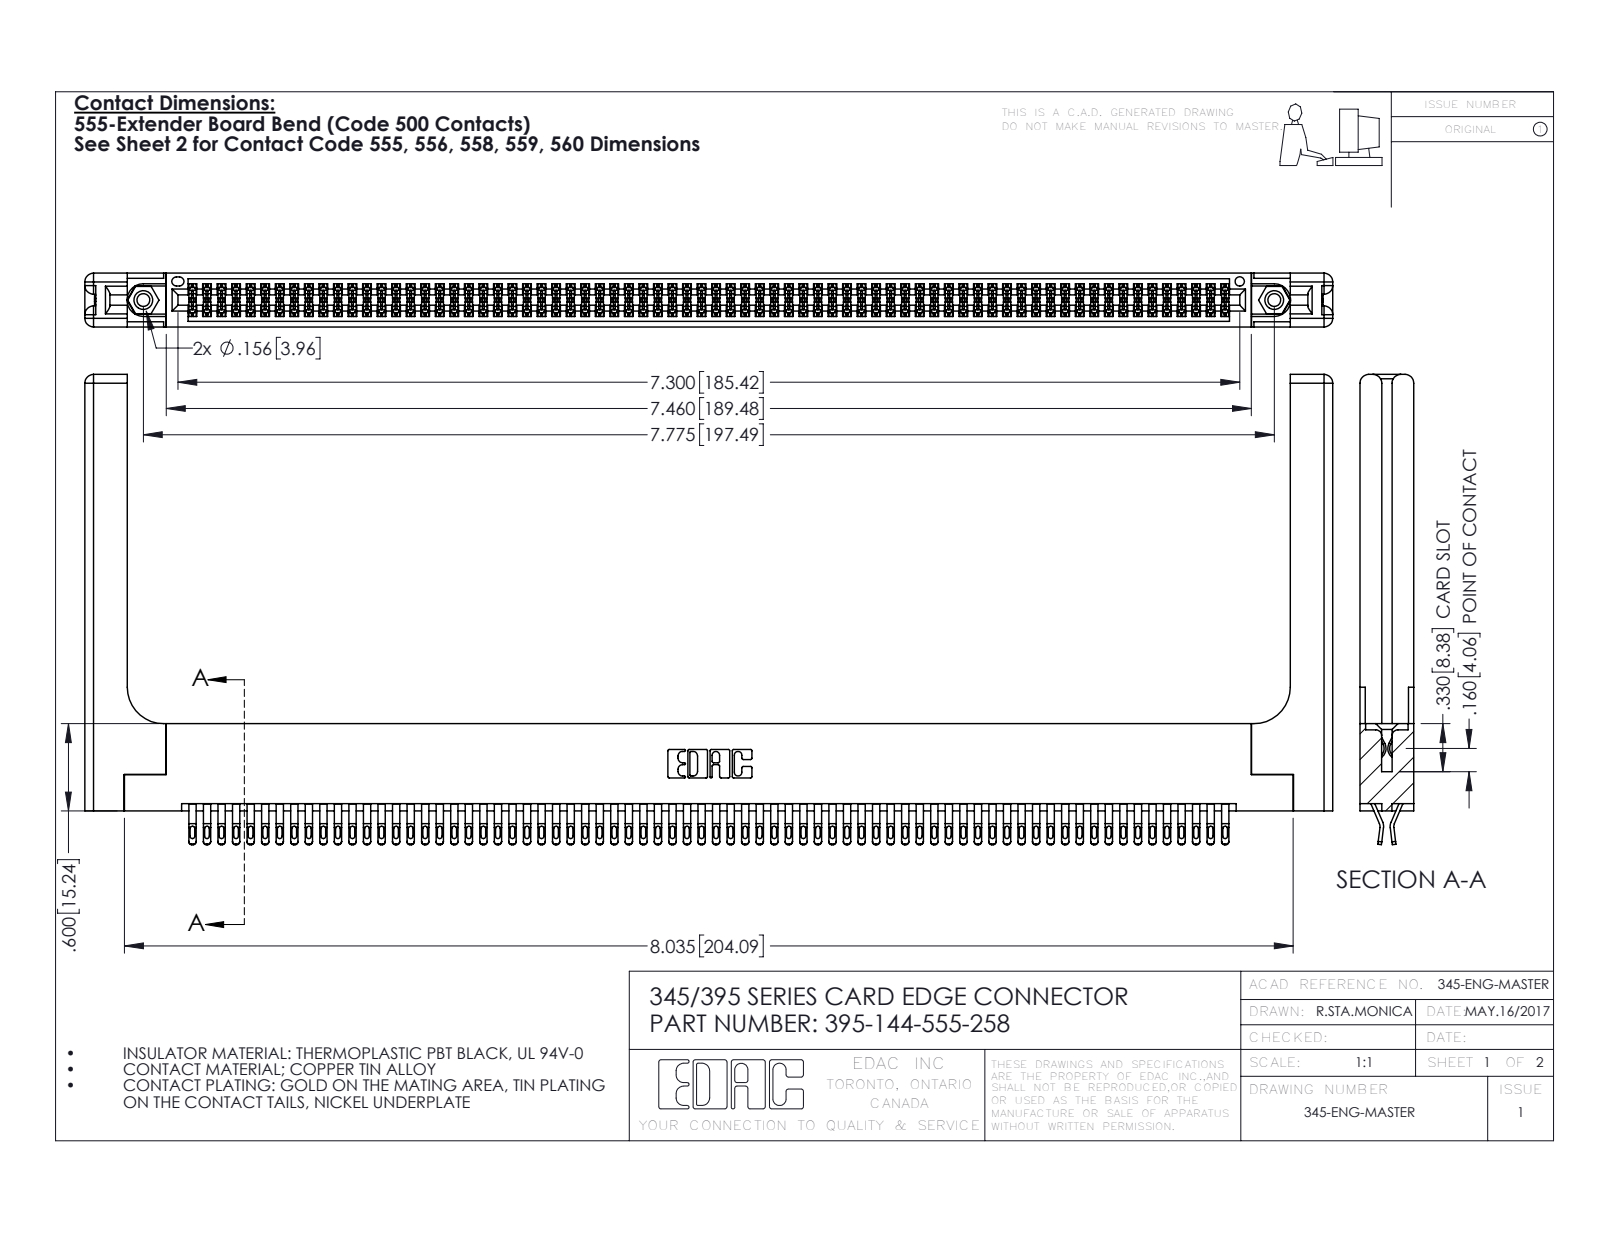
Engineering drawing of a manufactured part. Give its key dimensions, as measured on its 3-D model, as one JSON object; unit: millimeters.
{"part_name": "395-144-555-258; 345-292-001_555 Tail; 345-250-001_345-250-001-102; 345 Part_Flush Mounting Lugs - 0.156 Dia-TH (+1 more)", "step_written_by": "SolidWorks 2016 (CONFIG_CONTROL_DESIGN)", "units": "millimeters", "bodies": {"solids": 149, "faces": 8446, "planar": 4692, "cylindrical": 3694, "other": 60}, "overall_size": [217.9, 82.1, 9.4], "volume_mm3": 30330, "surface_area_mm2": 39410, "round_holes": [[2.3, 2], [3.2, 2], [4, 2], [1.6, 1]], "round_bosses_or_shafts": [[3.9, 2]], "partial_cylinders_radius": [[0.4, 360], [0.5, 288], [0.2, 216], [0.3, 22], [1.5, 16], [0.2, 6], [0.8, 6], [0.7, 3]], "face_to_face_distances": [1.8, 7.6, 9.4, 0.6, 5.1, 2.5, 6.9, 5.7, 4.4, 3.8], "hole_center_spacings": [6.9, 191.5, 197.5]}
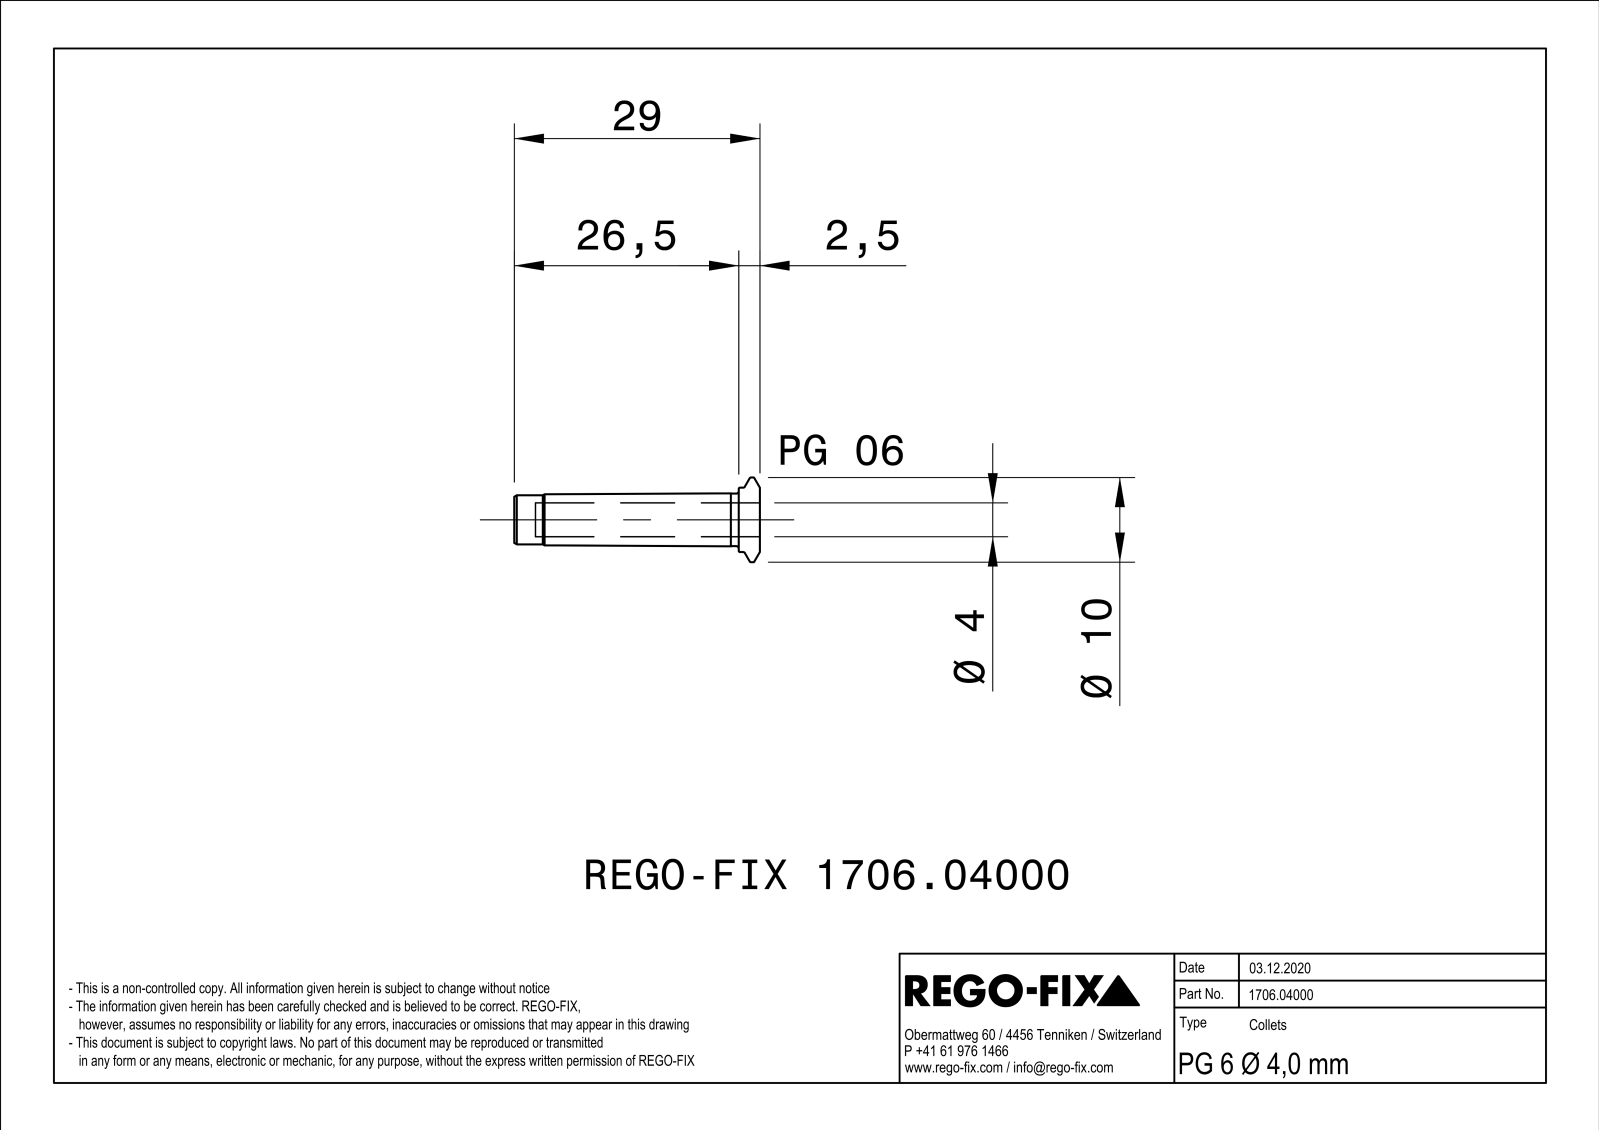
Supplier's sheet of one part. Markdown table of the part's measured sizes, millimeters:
| quantity | value |
| --- | --- |
| part name | NOCUT |
| STEP written by | SIEMENS PLM Software Solid Edge ST10 (AUTOMOTIVE_DESIGN) |
| units | millimeters |
| bodies | 1 solid, 59 faces (17 planar, 11 cylindrical, 31 other) |
| overall size | 29 × 10 × 9.99 |
| volume | 533 mm³ |
| surface area | 1 118 mm² |
| round holes (diameter × count) | 4 × 1 |
| round bosses / shafts (diameter × count) | 10 × 1, 7.6 × 1, 6.2 × 1, 5.8 × 1 |
| main face-to-face distances | 0.45, 0.46, 29, 2.5, 26.5 |
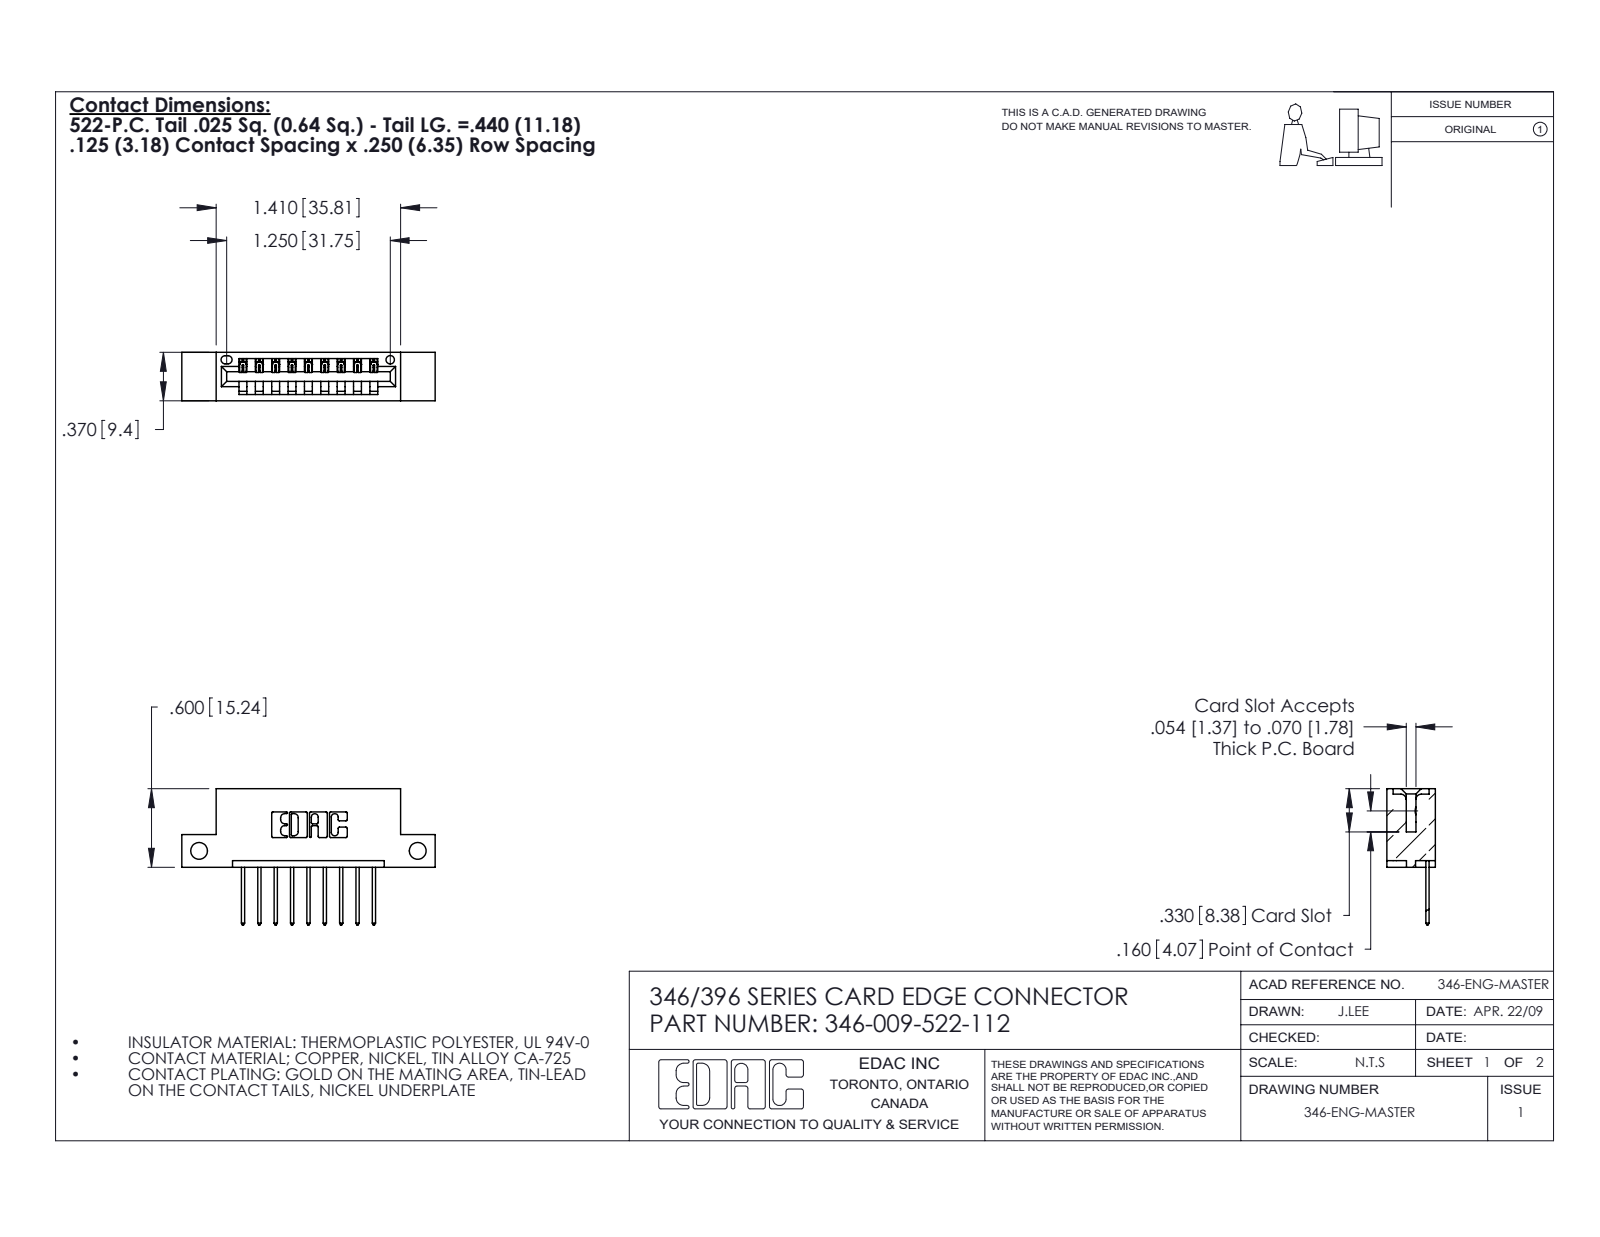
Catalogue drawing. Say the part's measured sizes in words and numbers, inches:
The part is named "345-292-001_345-293-122; 346 Part_Flush Mounting Lugs - Side Mount; 346-009-522-112". Its 3-D file was written by "SolidWorks 2020 (CONFIG_CONTROL_DESIGN)". It is 10 solids with 644 faces: 436 planar, 208 cylindrical and 0 other. Overall it measures 1.935 by 1.04 by 0.37 inches. Its volume is 0.268 cubic inches and its surface area 7.78 square inches. Round holes: 2 of diameter 0.128, 1 of diameter 0.064. Partial cylindrical surfaces (rounded edges, fillets, slot ends): 22 of radius 0.01, 18 of radius 0.006, 18 of radius 0.01, 6 of radius 0.007, 6 of radius 0.031, 3 of radius 0.026, 2 of radius 0.031, 2 of radius 0.04. The main face-to-face distances are 0.25, 0.048, 0.322, 0.37, 0.072, 0.298, 0.025, 0.148, 0.222, 0.1. The hole center spacings are 1.67.
════════════════
▶ [Task details]
Please output the data above exactly as given, omitting every picture.

▶ [Response box]
Engineering drawing of a manufactured part. Give its key dimensions, as measured on its 3-D model, as one JSON object; unit: millimeters.
{"part_name": "395-144-555-258; 345-292-001_555 Tail; 345-250-001_345-250-001-102; 345 Part_Flush Mounting Lugs - 0.156 Dia-TH (+1 more)", "step_written_by": "SolidWorks 2016 (CONFIG_CONTROL_DESIGN)", "units": "millimeters", "bodies": {"solids": 149, "faces": 8446, "planar": 4692, "cylindrical": 3694, "other": 60}, "overall_size": [217.9, 82.1, 9.4], "volume_mm3": 30330, "surface_area_mm2": 39410, "round_holes": [[2.3, 2], [3.2, 2], [4, 2], [1.6, 1]], "round_bosses_or_shafts": [[3.9, 2]], "partial_cylinders_radius": [[0.4, 360], [0.5, 288], [0.2, 216], [0.3, 22], [1.5, 16], [0.2, 6], [0.8, 6], [0.7, 3]], "face_to_face_distances": [1.8, 7.6, 9.4, 0.6, 5.1, 2.5, 6.9, 5.7, 4.4, 3.8], "hole_center_spacings": [6.9, 191.5, 197.5]}
Supplier's sheet of one part. Markdown table of the part's measured sizes, millimeters:
| quantity | value |
| --- | --- |
| part name | NOCUT |
| STEP written by | SIEMENS PLM Software Solid Edge ST10 (AUTOMOTIVE_DESIGN) |
| units | millimeters |
| bodies | 1 solid, 59 faces (17 planar, 11 cylindrical, 31 other) |
| overall size | 29 × 10 × 9.99 |
| volume | 533 mm³ |
| surface area | 1 118 mm² |
| round holes (diameter × count) | 4 × 1 |
| round bosses / shafts (diameter × count) | 10 × 1, 7.6 × 1, 6.2 × 1, 5.8 × 1 |
| main face-to-face distances | 0.45, 0.46, 29, 2.5, 26.5 |
Catalogue drawing. Say the part's measured sizes in words and numbers, inches:
The part is named "345-292-001_345-293-122; 346 Part_Flush Mounting Lugs - Side Mount; 346-009-522-112". Its 3-D file was written by "SolidWorks 2020 (CONFIG_CONTROL_DESIGN)". It is 10 solids with 644 faces: 436 planar, 208 cylindrical and 0 other. Overall it measures 1.935 by 1.04 by 0.37 inches. Its volume is 0.268 cubic inches and its surface area 7.78 square inches. Round holes: 2 of diameter 0.128, 1 of diameter 0.064. Partial cylindrical surfaces (rounded edges, fillets, slot ends): 22 of radius 0.01, 18 of radius 0.006, 18 of radius 0.01, 6 of radius 0.007, 6 of radius 0.031, 3 of radius 0.026, 2 of radius 0.031, 2 of radius 0.04. The main face-to-face distances are 0.25, 0.048, 0.322, 0.37, 0.072, 0.298, 0.025, 0.148, 0.222, 0.1. The hole center spacings are 1.67.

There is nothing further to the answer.